__Information supplied__
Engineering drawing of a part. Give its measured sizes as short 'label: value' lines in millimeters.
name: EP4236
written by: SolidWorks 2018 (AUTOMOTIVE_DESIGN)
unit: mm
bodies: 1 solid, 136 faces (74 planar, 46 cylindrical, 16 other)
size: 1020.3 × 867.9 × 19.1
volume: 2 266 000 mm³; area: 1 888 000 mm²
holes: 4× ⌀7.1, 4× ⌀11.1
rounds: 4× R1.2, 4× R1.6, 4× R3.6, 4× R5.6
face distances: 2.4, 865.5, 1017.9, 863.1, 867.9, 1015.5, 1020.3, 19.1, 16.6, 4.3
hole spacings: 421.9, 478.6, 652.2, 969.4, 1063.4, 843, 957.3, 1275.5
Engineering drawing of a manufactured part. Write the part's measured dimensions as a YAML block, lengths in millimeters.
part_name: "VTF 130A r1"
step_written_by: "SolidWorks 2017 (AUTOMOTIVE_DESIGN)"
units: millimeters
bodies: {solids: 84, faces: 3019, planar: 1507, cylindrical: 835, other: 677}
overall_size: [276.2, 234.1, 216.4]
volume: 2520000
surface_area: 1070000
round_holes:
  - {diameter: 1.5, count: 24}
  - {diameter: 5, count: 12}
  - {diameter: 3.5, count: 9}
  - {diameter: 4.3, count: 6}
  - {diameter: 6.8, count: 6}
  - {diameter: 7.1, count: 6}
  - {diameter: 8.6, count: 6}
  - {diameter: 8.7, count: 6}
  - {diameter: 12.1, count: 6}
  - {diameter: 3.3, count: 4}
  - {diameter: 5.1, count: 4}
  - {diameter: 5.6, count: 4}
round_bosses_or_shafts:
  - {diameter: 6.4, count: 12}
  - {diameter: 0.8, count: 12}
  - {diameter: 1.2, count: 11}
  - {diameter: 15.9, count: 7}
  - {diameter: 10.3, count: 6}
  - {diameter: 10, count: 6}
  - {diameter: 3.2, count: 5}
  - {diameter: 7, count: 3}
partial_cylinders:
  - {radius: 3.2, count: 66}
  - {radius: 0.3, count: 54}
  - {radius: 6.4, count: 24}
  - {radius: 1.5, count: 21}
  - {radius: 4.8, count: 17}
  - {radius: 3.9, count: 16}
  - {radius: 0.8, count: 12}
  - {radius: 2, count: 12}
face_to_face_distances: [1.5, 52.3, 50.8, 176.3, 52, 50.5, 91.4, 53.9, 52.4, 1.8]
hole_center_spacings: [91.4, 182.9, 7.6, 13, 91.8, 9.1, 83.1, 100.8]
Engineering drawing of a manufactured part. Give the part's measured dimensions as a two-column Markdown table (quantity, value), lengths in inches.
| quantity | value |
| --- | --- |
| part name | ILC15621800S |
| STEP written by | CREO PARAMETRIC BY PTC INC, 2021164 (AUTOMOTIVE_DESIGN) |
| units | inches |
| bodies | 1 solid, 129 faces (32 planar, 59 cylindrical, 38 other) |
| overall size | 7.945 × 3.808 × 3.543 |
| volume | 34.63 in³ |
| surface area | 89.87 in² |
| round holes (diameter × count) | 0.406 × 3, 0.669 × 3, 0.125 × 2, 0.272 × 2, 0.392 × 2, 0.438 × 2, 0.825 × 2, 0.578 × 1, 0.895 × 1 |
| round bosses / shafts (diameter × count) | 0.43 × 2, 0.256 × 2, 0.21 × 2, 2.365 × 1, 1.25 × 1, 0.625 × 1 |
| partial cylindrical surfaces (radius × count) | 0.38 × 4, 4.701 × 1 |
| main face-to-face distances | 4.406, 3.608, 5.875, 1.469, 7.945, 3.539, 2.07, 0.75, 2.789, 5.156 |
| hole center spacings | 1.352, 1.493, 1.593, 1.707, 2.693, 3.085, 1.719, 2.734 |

__The task__
From the entries above, copy every line that holds the word "radius".

__Problem solution__
  - {radius: 3.2, count: 66}
  - {radius: 0.3, count: 54}
  - {radius: 6.4, count: 24}
  - {radius: 1.5, count: 21}
  - {radius: 4.8, count: 17}
  - {radius: 3.9, count: 16}
  - {radius: 0.8, count: 12}
  - {radius: 2, count: 12}
| partial cylindrical surfaces (radius × count) | 0.38 × 4, 4.701 × 1 |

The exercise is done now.